THE RECORDS ▸
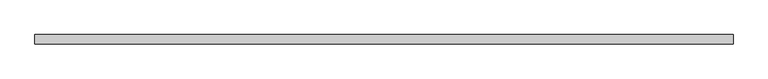
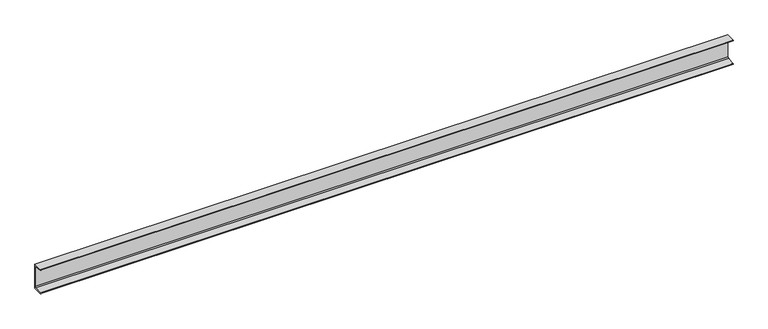
"""IFC4 building model written with IfcOpenShell, lengths in millimetres: beam geometry, C-образный профиль (ГОСТ 8240-89) Балки : [ 22."""

import ifcopenshell
import ifcopenshell.guid

model = None  # the IFC model being written
_history = None  # IfcOwnerHistory: only IFC2X3 demands one
_inside = {}  # id of a spatial element -> (the spatial element, [elements in it])
_under = {}  # id of a project, library or spatial element -> (it, [spatial elements below it])
_declared = {}  # id of a project -> (the project, [libraries it declares])
_typed = {}  # id of a type object -> (the type object, [elements of that type])
_made_of = {}  # id of a material, layer set ... -> (it, [elements and type objects made of it])


def new_model(schema):
    """Start an empty IFC model of exactly this schema.

    Asked for "IFC4X3", IfcOpenShell would pick the latest addendum, in which some entities
    have other attributes; the version numbers below select the first issue.
    IFC2X3 requires an IfcOwnerHistory on every rooted entity: one is made here for all.
    """
    global model, _history
    if schema == "IFC4X3":
        model = ifcopenshell.file(schema_version=(4, 3, 0, 0))
    else:
        model = ifcopenshell.file(schema=schema)
    _inside.clear()
    _under.clear()
    _declared.clear()
    _typed.clear()
    _made_of.clear()
    _history = None
    if model.schema == "IFC2X3":
        org = make("IfcOrganization", Name="unknown")
        user = make(
            "IfcPersonAndOrganization",
            ThePerson=make("IfcPerson", FamilyName="unknown"),
            TheOrganization=org,
        )
        app = make(
            "IfcApplication",
            ApplicationDeveloper=org,
            Version="unknown",
            ApplicationFullName="unknown",
            ApplicationIdentifier="unknown",
        )
        _history = make(
            "IfcOwnerHistory",
            OwningUser=user,
            OwningApplication=app,
            ChangeAction="ADDED",
            CreationDate=0,
        )
    return model


def make(cls, **values):
    """One entity of the class cls with the attributes given. An attribute that is None is left unset."""
    return model.create_entity(
        cls, **{name: value for name, value in values.items() if value is not None}
    )


def rooted(cls, **values):
    """An entity with a GlobalId (a new one), such as an element, a storey or a relation."""
    return make(cls, GlobalId=ifcopenshell.guid.new(), OwnerHistory=_history, **values)


def si_unit(unit_type, name, prefix=None):
    """IfcSIUnit, for example si_unit("LENGTHUNIT", "METRE", prefix="MILLI")."""
    return make("IfcSIUnit", UnitType=unit_type, Prefix=prefix, Name=name)


def assignment(units):
    """IfcUnitAssignment: the units of a project."""
    return None if units is None else make("IfcUnitAssignment", Units=units)


def point(xyz):
    """IfcCartesianPoint."""
    return None if xyz is None else make("IfcCartesianPoint", Coordinates=xyz)


def direction(xyz):
    """IfcDirection."""
    return None if xyz is None else make("IfcDirection", DirectionRatios=xyz)


def frame(location, z_axis=None, x_axis=None):
    """IfcAxis2Placement3D, a coordinate frame: its origin and axes. An axis left out is left unset."""
    return make(
        "IfcAxis2Placement3D",
        Location=point(location),
        Axis=direction(z_axis),
        RefDirection=direction(x_axis),
    )


def frame_2d(location, x_axis=None):
    """IfcAxis2Placement2D, a coordinate frame in the plane: its origin and x axis."""
    return make(
        "IfcAxis2Placement2D", Location=point(location), RefDirection=direction(x_axis)
    )


def origin():
    """The frame at (0, 0, 0) with its axes left unset."""
    return frame((0.0, 0.0, 0.0))


def place(relative_to, where):
    """IfcLocalPlacement: puts the frame where relative to a parent placement (None: the world)."""
    return make(
        "IfcLocalPlacement", PlacementRelTo=relative_to, RelativePlacement=where
    )


def context(
    kind, dimensions, precision=None, world=None, true_north=None, identifier=None
):
    """IfcGeometricRepresentationContext, for example the 3D "Model" context."""
    return make(
        "IfcGeometricRepresentationContext",
        ContextIdentifier=identifier,
        ContextType=kind,
        CoordinateSpaceDimension=dimensions,
        Precision=precision,
        WorldCoordinateSystem=world,
        TrueNorth=true_north,
    )


def project(units=None, contexts=None):
    """IfcProject with its units and contexts."""
    return rooted(
        "IfcProject",
        Name="project",
        RepresentationContexts=contexts,
        UnitsInContext=assignment(units),
    )


def spatial(cls, under=None, at=None, **own):
    """A site, building, storey or space (cls), placed at a placement, below another one or the project."""
    s = rooted(cls, ObjectPlacement=at, **own)
    if under is not None:
        _under.setdefault(under.id(), (under, []))[1].append(s)
    return s


def polyline(points):
    """IfcPolyline through the points."""
    return make("IfcPolyline", Points=[point(p) for p in points])


def circle_curve(where, radius):
    """IfcCircle in the frame where."""
    return make("IfcCircle", Position=where, Radius=radius)


def trimmed(basis, trim1, trim2, sense, master):
    """IfcTrimmedCurve: the piece of a basis curve between two trims."""
    return make(
        "IfcTrimmedCurve",
        BasisCurve=basis,
        Trim1=trim1,
        Trim2=trim2,
        SenseAgreement=sense,
        MasterRepresentation=master,
    )


def segment(curve, same_sense, transition):
    """IfcCompositeCurveSegment."""
    return make(
        "IfcCompositeCurveSegment",
        Transition=transition,
        SameSense=same_sense,
        ParentCurve=curve,
    )


def composite_curve(segments, self_intersect=None):
    """IfcCompositeCurve: segments joined end to end."""
    return make("IfcCompositeCurve", Segments=segments, SelfIntersect=self_intersect)


def outline(outer, holes=None, kind="AREA"):
    """IfcArbitraryClosedProfileDef: a profile drawn as a closed curve; with holes, ...WithVoids."""
    if holes is None:
        return make("IfcArbitraryClosedProfileDef", ProfileType=kind, OuterCurve=outer)
    return make(
        "IfcArbitraryProfileDefWithVoids",
        ProfileType=kind,
        OuterCurve=outer,
        InnerCurves=holes,
    )


def extrude(swept, where, along, depth):
    """IfcExtrudedAreaSolid: the profile swept, set in the frame where, extruded along a direction by depth."""
    return make(
        "IfcExtrudedAreaSolid",
        SweptArea=swept,
        Position=where,
        ExtrudedDirection=direction(along),
        Depth=depth,
    )


def shape(context_of_items, identifier, shape_type, items):
    """IfcShapeRepresentation: the items that make up one representation, for example the "Body"."""
    return make(
        "IfcShapeRepresentation",
        ContextOfItems=context_of_items,
        RepresentationIdentifier=identifier,
        RepresentationType=shape_type,
        Items=items,
    )


def source(mapping_origin, context_of_items, identifier, shape_type, items):
    """IfcRepresentationMap: a shape defined once, which mapped items show again and again."""
    return make(
        "IfcRepresentationMap",
        MappingOrigin=mapping_origin,
        MappedRepresentation=shape(context_of_items, identifier, shape_type, items),
    )


def transform(
    local_origin,
    x_axis=None,
    y_axis=None,
    z_axis=None,
    scale=None,
    scale2=None,
    scale3=None,
    uniform=True,
):
    """IfcCartesianTransformationOperator3D, or its non-uniform kind. x_axis, y_axis, z_axis: its Axis1, 2, 3."""
    if uniform:
        return make(
            "IfcCartesianTransformationOperator3D",
            Axis1=direction(x_axis),
            Axis2=direction(y_axis),
            LocalOrigin=point(local_origin),
            Scale=scale,
            Axis3=direction(z_axis),
        )
    return make(
        "IfcCartesianTransformationOperator3DnonUniform",
        Axis1=direction(x_axis),
        Axis2=direction(y_axis),
        LocalOrigin=point(local_origin),
        Scale=scale,
        Axis3=direction(z_axis),
        Scale2=scale2,
        Scale3=scale3,
    )


def mapped(mapping_source, mapping_target):
    """IfcMappedItem: shows the shape of a source again, moved by a transform."""
    return make(
        "IfcMappedItem", MappingSource=mapping_source, MappingTarget=mapping_target
    )


def made_of(thing, what):
    """Note that an element or type object is made of a material, layer set ...; save() writes the relation."""
    if what is not None:
        _made_of.setdefault(what.id(), (what, []))[1].append(thing)
    return thing


def element(
    cls,
    number,
    at=None,
    inside=None,
    cuts=None,
    type_object=None,
    material=None,
    context=None,
    identifier="Body",
    shape_type=None,
    held_by="IfcProductDefinitionShape",
    body=None,
    shapes=None,
    **own,
):
    """One element of the class cls, such as IfcWall. Its Tag is "e" and its number.

    at: its placement. inside: the storey or other place that contains it. cuts: it is an
    opening in that element (IfcRelVoidsElement). A single representation is given by context,
    identifier, shape_type and body (its items); several are given by shapes. held_by: the class
    of the entity that holds the representations. save() writes the other relations.
    """
    e = rooted(cls, Tag="e%d" % number, ObjectPlacement=at, **own)
    if body is not None:
        shapes = [shape(context, identifier, shape_type, body)]
    if shapes is not None:
        e.Representation = make(held_by, Representations=shapes)
    if inside is not None:
        _inside.setdefault(inside.id(), (inside, []))[1].append(e)
    if cuts is not None:
        rooted(
            "IfcRelVoidsElement", RelatingBuildingElement=cuts, RelatedOpeningElement=e
        )
    if type_object is not None:
        _typed.setdefault(type_object.id(), (type_object, []))[1].append(e)
    return made_of(e, material)


def aggregate(whole, parts):
    """IfcRelAggregates: a whole, such as a stair, and the parts it consists of."""
    return rooted("IfcRelAggregates", RelatingObject=whole, RelatedObjects=parts)


def save(model, path):
    """Write the relations noted so far, then the file.

    IfcRelAggregates (storeys below a building ...), IfcRelContainedInSpatialStructure (elements
    in a storey), IfcRelDefinesByType, IfcRelAssociatesMaterial and IfcRelDeclares: one each for
    every whole, place, type object, material and project.
    """
    for whole, parts in _under.values():
        aggregate(whole, parts)
    for where, things in _inside.values():
        rooted(
            "IfcRelContainedInSpatialStructure",
            RelatedElements=things,
            RelatingStructure=where,
        )
    for kind, things in _typed.values():
        rooted("IfcRelDefinesByType", RelatedObjects=things, RelatingType=kind)
    for what, things in _made_of.values():
        rooted("IfcRelAssociatesMaterial", RelatedObjects=things, RelatingMaterial=what)
    for by, libraries in _declared.values():
        rooted("IfcRelDeclares", RelatingContext=by, RelatedDefinitions=libraries)
    model.write(path)


def beam_8819ffcd(model_context):
    return source(origin(), model_context, "Body", "SweptSolid", [
        extrude(outline(composite_curve([segment(polyline([(22.1, 110.0), (22.1, -110.0), (-59.9, -110.0), (-59.9, -108.9686971)]), True, "CONTINUOUS"), segment(trimmed(circle_curve(frame_2d((-55.9, -108.9686971)), 4.0), [point((-59.9, -108.9686971))], [point((-56.3765809, -104.9971897))], False, "CARTESIAN"), True, "CONTINUOUS"), segment(polyline([(-56.3765809, -104.9971897), (7.8914522, -97.2850257)]), True, "CONTINUOUS"), segment(trimmed(circle_curve(frame_2d((6.7, -87.3562574)), 10.0), [point((7.8914522, -97.2850257))], [point((16.7, -87.3562574))], True, "CARTESIAN"), True, "CONTINUOUS"), segment(polyline([(16.7, -87.3562574), (16.7, 87.3562574)]), True, "CONTINUOUS"), segment(trimmed(circle_curve(frame_2d((6.7, 87.3562574)), 10.0), [point((16.7, 87.3562574))], [point((7.8914522, 97.2850257))], True, "CARTESIAN"), True, "CONTINUOUS"), segment(polyline([(7.8914522, 97.2850257), (-56.3765809, 104.9971897)]), True, "CONTINUOUS"), segment(trimmed(circle_curve(frame_2d((-55.9, 108.9686971)), 4.0), [point((-56.3765809, 104.9971897))], [point((-59.9, 108.9686971))], False, "CARTESIAN"), True, "CONTINUOUS"), segment(polyline([(-59.9, 108.9686971), (-59.9, 110.0), (22.1, 110.0)]), True, "CONTINUOUS")], self_intersect=False)), frame((-3000.0, 0.0, 0.0), z_axis=(1.0, 0.0, 0.0), x_axis=(0.0, 1.0, 0.0)), (0.0, 0.0, 1.0), 6000.0),
    ])


if __name__ == "__main__":
    model = new_model("IFC4")
    model_context = context("Model", 3, world=origin())
    ifc_project = project(units=[si_unit("LENGTHUNIT", "METRE", prefix="MILLI")], contexts=[model_context])
    site = spatial("IfcSite", under=ifc_project)
    building = spatial("IfcBuilding", under=site)
    placement = place(None, origin())
    beam_shape = beam_8819ffcd(model_context)
    element("IfcBeam", 1, ObjectType="C-образный профиль (ГОСТ 8240-89) Балки : [ 22", at=placement, inside=building, context=model_context, shape_type="MappedRepresentation", body=[
        mapped(beam_shape, transform((0.0, 0.0, 0.0), x_axis=(1.0, 0.0, 0.0), y_axis=(0.0, 1.0, 0.0), z_axis=(0.0, 0.0, 1.0))),
    ])
    save(model, "model.ifc")

# Revit data of these elements
# Type "C-образный профиль (ГОСТ 8240-89) Балки : [ 22"
#   tf = 9.5 mm
#   ri = 4 mm
#   ra = 10 mm
#   W = 0.20594
#   Vz = 110 mm
#   Vy = 59.9 mm
#   Vpz = 110 mm
#   Vpy = 22.1 mm
#   Уклон = 0.12
#   Length [instance default] = 1500 mm
#   bf = 82 mm
#   d = 220 mm
#   tw = 5.4 mm
#   A = 0.00267 m²
#   Structural Material [instance default] = Металл - Сталь - 345 МПa
#   Assembly Code = ""
# Element 1 (IfcBeam, "C-образный профиль (ГОСТ 8240-89) Балки : [ 22")
#   Structural Material = C235
#   Materials on its faces: "C235"
# Materials
#   "Металл - Сталь - 345 МПa": class "Металл", colour RGB 247 247 247, transparency 0
#   "C235": class "Не назначено", colour RGB 0 0 0, transparency 0
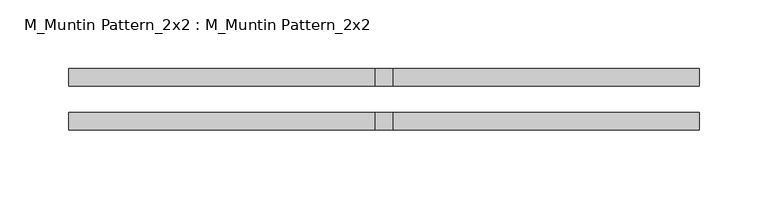
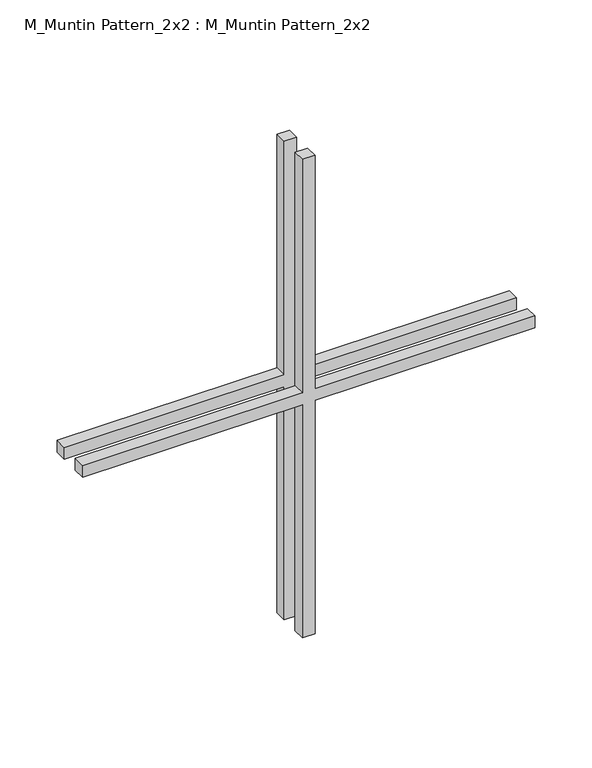
"""IFC4 building model written with IfcOpenShell, lengths in millimetres: proxy geometry, M_Muntin Pattern_2x2 : M_Muntin Pattern_2x2."""

from ifc_helpers import new_model, si_unit, frame, origin, place, context, project, spatial, polyline, outline, extrude, source, transform, mapped, element, save


def m_muntin_pattern_2x2_m_muntin_pattern_2x2_e9cb9308(model_context):
    return source(origin(), model_context, "Body", "SweptSolid", [
        extrude(outline(polyline([(261.9375, -6.35), (261.9375, -228.6), (249.2375, -228.6), (249.2375, -6.35), (0.0, -6.35), (0.0, 6.35), (249.2375, 6.35), (249.2375, 228.6), (261.9375, 228.6), (261.9375, 6.35), (511.175, 6.35), (511.175, -6.35), (261.9375, -6.35)])), frame((0.0, -22.225, 0.0), z_axis=(0.0, 1.0, 0.0), x_axis=(0.0, 0.0, 1.0)), (0.0, 0.0, 1.0), 12.7),
        extrude(outline(polyline([(261.9375, -6.35), (261.9375, -228.6), (249.2375, -228.6), (249.2375, -6.35), (0.0, -6.35), (0.0, 6.35), (249.2375, 6.35), (249.2375, 228.6), (261.9375, 228.6), (261.9375, 6.35), (511.175, 6.35), (511.175, -6.35), (261.9375, -6.35)])), frame((0.0, 9.525, 0.0), z_axis=(0.0, 1.0, 0.0), x_axis=(0.0, 0.0, 1.0)), (0.0, 0.0, 1.0), 12.7),
    ])


if __name__ == "__main__":
    model = new_model("IFC4")
    model_context = context("Model", 3, world=origin())
    ifc_project = project(units=[si_unit("LENGTHUNIT", "METRE", prefix="MILLI")], contexts=[model_context])
    site = spatial("IfcSite", under=ifc_project)
    building = spatial("IfcBuilding", under=site)
    placement = place(None, origin())
    m_muntin_pattern_2x2_m_muntin_pattern_2x2_shape = m_muntin_pattern_2x2_m_muntin_pattern_2x2_e9cb9308(model_context)
    element("IfcBuildingElementProxy", 1, Name="M_Muntin Pattern_2x2 : M_Muntin Pattern_2x2", ObjectType="M_Muntin Pattern_2x2 : M_Muntin Pattern_2x2", at=placement, inside=building, context=model_context, shape_type="MappedRepresentation", body=[
        mapped(m_muntin_pattern_2x2_m_muntin_pattern_2x2_shape, transform((0.0, 0.0, 0.0), x_axis=(1.0, 0.0, 0.0), y_axis=(0.0, 1.0, 0.0), z_axis=(0.0, 0.0, 1.0))),
    ])
    save(model, "model.ifc")

# Revit data of these elements
# Type "M_Muntin Pattern_2x2 : M_Muntin Pattern_2x2"
#   Width [instance default] = 3' - 11.24409"
#   Thickness = 0' - 0 1/2"
#   Height [instance default] = 3' - 11.24409"
#   Distance = 0' - 0 3/4"
#   Interior Material [instance default] = none
#   Exterior Material [instance default] = none
#   Default Elevation = 0
# Element 1 (IfcBuildingElementProxy, "M_Muntin Pattern_2x2 : M_Muntin Pattern_2x2")
#   Width = 1' - 6"
#   Height = 1' - 8 1/8"
#   Interior Material = Wood - Stained
#   Exterior Material = Clad - White
#   Materials on its faces: "Clad - White", "Wood - Stained"
# Materials
#   "Clad - White": class "Wood", colour RGB 242 242 238, transparency 0, Cost = 0
#   "Wood - Stained": class "Wood", colour RGB 224 178 126, transparency 0, Cost = 0

PROBLEM TO WORK ON ▸
Write out each line above that contains the word "IfcRelVoidsElement".

ANSWER SPACE ▸
    opening in that element (IfcRelVoidsElement). A single representation is given by context,
            "IfcRelVoidsElement", RelatingBuildingElement=cuts, RelatedOpeningElement=e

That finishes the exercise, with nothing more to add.